▶ Exercise aim:
The lines of the records that include "diameter" should all be copied.

▶ Data:
=-=-=
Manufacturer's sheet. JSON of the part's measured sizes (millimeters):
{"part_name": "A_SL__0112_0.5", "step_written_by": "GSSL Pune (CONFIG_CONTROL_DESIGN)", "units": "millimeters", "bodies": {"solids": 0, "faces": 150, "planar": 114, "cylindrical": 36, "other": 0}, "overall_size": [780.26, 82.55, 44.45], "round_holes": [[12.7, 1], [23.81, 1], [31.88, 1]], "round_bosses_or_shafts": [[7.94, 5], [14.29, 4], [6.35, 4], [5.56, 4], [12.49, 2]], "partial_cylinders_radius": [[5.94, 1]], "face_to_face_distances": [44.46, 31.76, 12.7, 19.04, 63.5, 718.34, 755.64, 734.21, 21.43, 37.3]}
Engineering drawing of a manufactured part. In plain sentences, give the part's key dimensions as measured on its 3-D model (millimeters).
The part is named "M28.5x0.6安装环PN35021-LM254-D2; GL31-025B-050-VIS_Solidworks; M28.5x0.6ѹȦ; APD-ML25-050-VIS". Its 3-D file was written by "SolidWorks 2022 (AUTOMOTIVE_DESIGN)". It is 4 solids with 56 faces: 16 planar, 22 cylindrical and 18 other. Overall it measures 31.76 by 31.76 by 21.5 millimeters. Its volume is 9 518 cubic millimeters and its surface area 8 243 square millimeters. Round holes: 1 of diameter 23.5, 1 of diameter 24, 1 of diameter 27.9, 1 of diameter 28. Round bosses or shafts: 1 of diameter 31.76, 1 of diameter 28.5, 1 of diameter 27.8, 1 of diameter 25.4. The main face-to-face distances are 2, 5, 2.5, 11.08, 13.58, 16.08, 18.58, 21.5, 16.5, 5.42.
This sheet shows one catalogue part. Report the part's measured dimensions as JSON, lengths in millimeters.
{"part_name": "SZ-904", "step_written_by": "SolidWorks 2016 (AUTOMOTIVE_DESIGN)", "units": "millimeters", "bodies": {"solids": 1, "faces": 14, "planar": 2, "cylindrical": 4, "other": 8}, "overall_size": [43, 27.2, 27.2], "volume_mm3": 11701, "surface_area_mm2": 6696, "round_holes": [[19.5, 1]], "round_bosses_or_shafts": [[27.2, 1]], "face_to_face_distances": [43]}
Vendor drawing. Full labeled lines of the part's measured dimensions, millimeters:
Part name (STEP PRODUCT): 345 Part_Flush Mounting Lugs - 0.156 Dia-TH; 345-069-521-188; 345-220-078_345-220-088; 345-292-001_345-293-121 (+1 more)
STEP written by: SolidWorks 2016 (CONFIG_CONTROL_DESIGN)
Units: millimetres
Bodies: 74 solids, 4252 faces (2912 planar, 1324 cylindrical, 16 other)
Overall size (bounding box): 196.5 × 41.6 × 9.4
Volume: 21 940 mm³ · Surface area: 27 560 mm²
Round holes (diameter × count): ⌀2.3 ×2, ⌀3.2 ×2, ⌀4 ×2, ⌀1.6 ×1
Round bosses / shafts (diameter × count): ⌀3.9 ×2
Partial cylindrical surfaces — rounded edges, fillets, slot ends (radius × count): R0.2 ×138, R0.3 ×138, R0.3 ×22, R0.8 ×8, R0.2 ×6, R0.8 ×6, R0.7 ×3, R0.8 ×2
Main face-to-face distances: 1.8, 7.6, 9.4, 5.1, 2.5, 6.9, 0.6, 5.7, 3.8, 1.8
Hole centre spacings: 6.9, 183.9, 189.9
=-=-=
▶ Written response:
The part is named "M28.5x0.6安装环PN35021-LM254-D2; GL31-025B-050-VIS_Solidworks; M28.5x0.6ѹȦ; APD-ML25-050-VIS". Its 3-D file was written by "SolidWorks 2022 (AUTOMOTIVE_DESIGN)". It is 4 solids with 56 faces: 16 planar, 22 cylindrical and 18 other. Overall it measures 31.76 by 31.76 by 21.5 millimeters. Its volume is 9 518 cubic millimeters and its surface area 8 243 square millimeters. Round holes: 1 of diameter 23.5, 1 of diameter 24, 1 of diameter 27.9, 1 of diameter 28. Round bosses or shafts: 1 of diameter 31.76, 1 of diameter 28.5, 1 of diameter 27.8, 1 of diameter 25.4. The main face-to-face distances are 2, 5, 2.5, 11.08, 13.58, 16.08, 18.58, 21.5, 16.5, 5.42.
Round holes (diameter × count): ⌀2.3 ×2, ⌀3.2 ×2, ⌀4 ×2, ⌀1.6 ×1
Round bosses / shafts (diameter × count): ⌀3.9 ×2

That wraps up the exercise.